Numéro d'arrêt : 75461
Numéro NOR : CETATEXT000007640483 ?
Identifiant URN:LEX : urn:lex;fr;conseil.etat;arret;1969-10-15;75461 ?

Analyses :

RJ1 SANTE PUBLIQUE - ETABLISSEMENTS PUBLICS D'HOSPITALISATION - PERSONNEL MEDICAL - PARAMEDICAL ET PHARMACEUTIQUE - Non affiliation à la sécurité sociale - Responsabilité.

61-02-03, 62-03 Centre hospitalier n'ayant pas fait procéder à l'immatriculation à la Caisse primaire locale de sécurité sociale d'un médecin ayant exercé ses fonctions audit Centre du 21 mars 1930 au 28 avril 1962, date de sa retraite.

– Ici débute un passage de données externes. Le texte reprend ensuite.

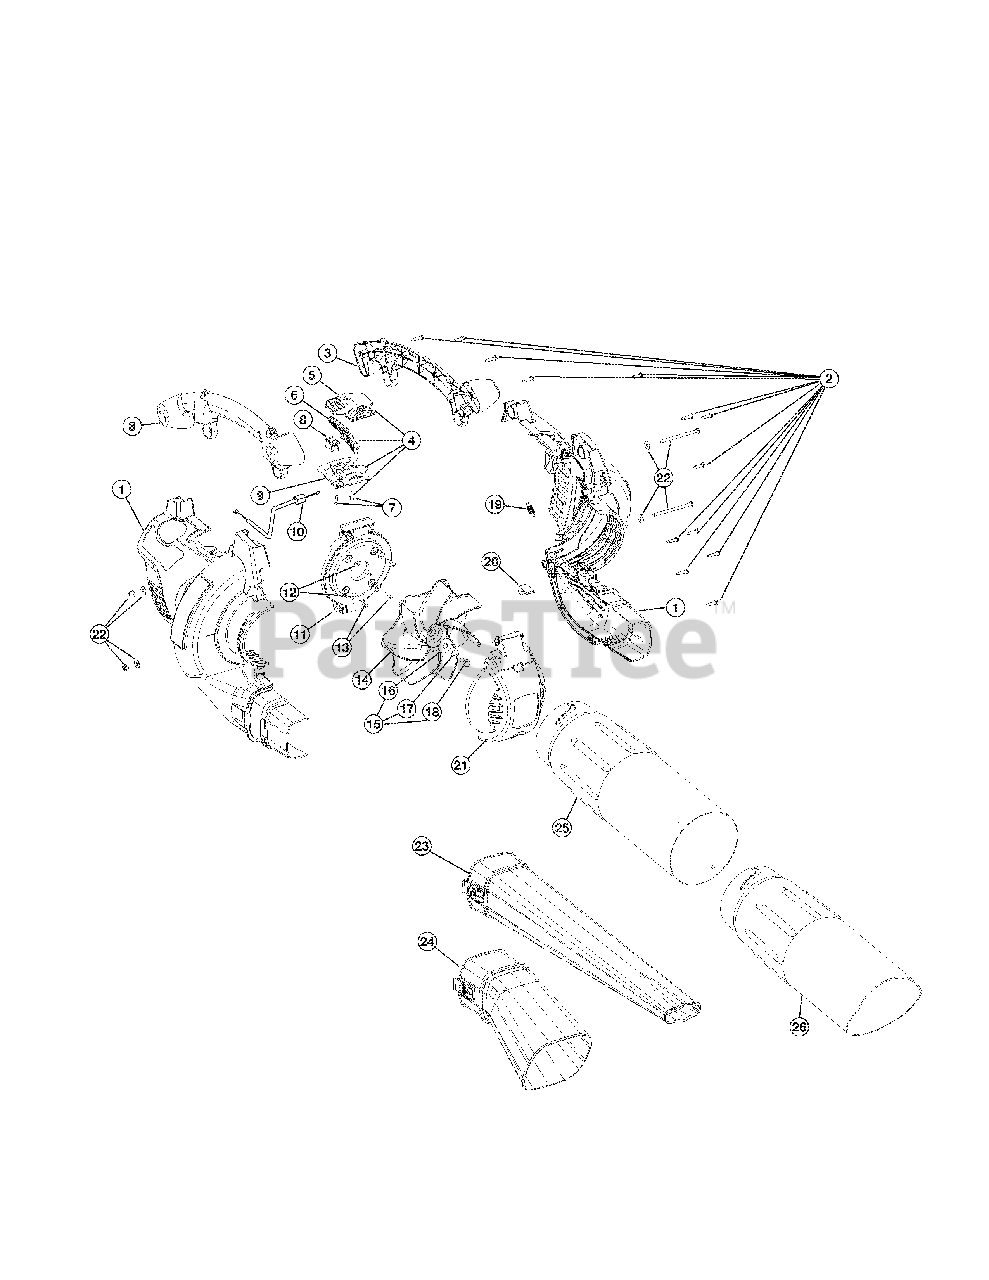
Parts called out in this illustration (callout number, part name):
1	Engine Cover Assm (includes 2)
3	Handle Assm (includes 2)
4	Throttle control Assm (includes 5-7 & 9)
5	Upper Throttle Control Plate
6	Throttle Control Lever
8	Rocker Switch Assm
9	Lower Throttle Control Plate
10	Throttle Cable
11	Engine Mount Plate (includes 12 & 13)
14	Impeller Blade
15	Impeller Hardware (includes 16-18)
16	Washer
17	Lock Washer
19	Vacuum Door Spring
20	Vacuum Door Lock
21	Vacuum Door
22	Mounting Plate Hardware
23	Blower Tube
24	Vacuum Bag Adaptor
25	Upper Vacuum Tube
26	Lower Vacuum Tube
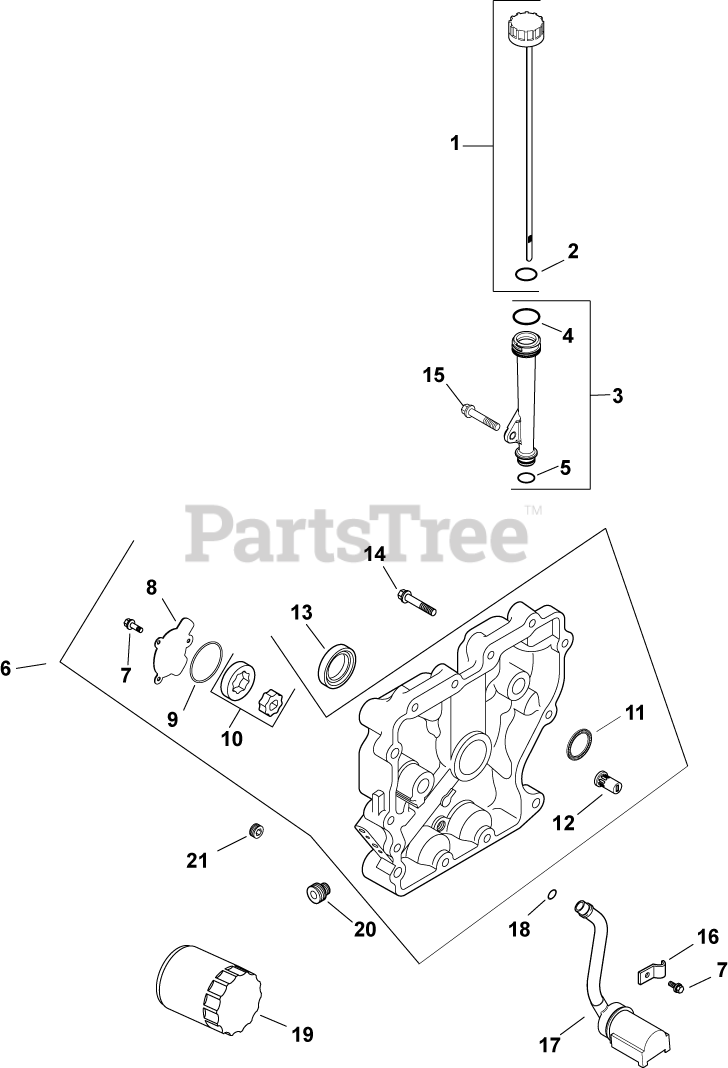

Aucun texte n'ayant imposé une telle immatriculation avant le 1er juillet 1946, l'intéressé n'est pas fondé à demander au Centre hospitalier réparation du préjudice subi, pour le calcul de ses droits à pension, du fait de l'absence de paiement de cotisations durant la période antérieure. Pour la période postérieure, responsabilité du Centre hospitalier, limitée toutefois à la moitié des conséquences dommageables subies par l'intéressé du jour de sa retraite au 31 décembre 1962, compte tenu de ce que ce dernier n'a pas usé de la possibilité qu'il tenait des dispositions en vigueur, de demander lui-même son affiliation [1]. Enfin, l'intéressé qui n'a pas non plus usé de la possibilité que lui offraient les dispositions du décret du 3 octobre 1962 de procéder à des versements de rachat facultatifs qui lui auraient permis de bénéficier, à compter du 1er janvier 1963, d'une pension égale à celle qui lui aurait été servie si les cotisations correspondantes avaient été régulièrement versées depuis le 1er janvier 1946 et qui ne justifie d'aucune circonstance particulière qui aurait pu mettre obstacle à cette régularisation de sa situation, est responsable du préjudice qu'il a subi à compter du 1er janvier 1963.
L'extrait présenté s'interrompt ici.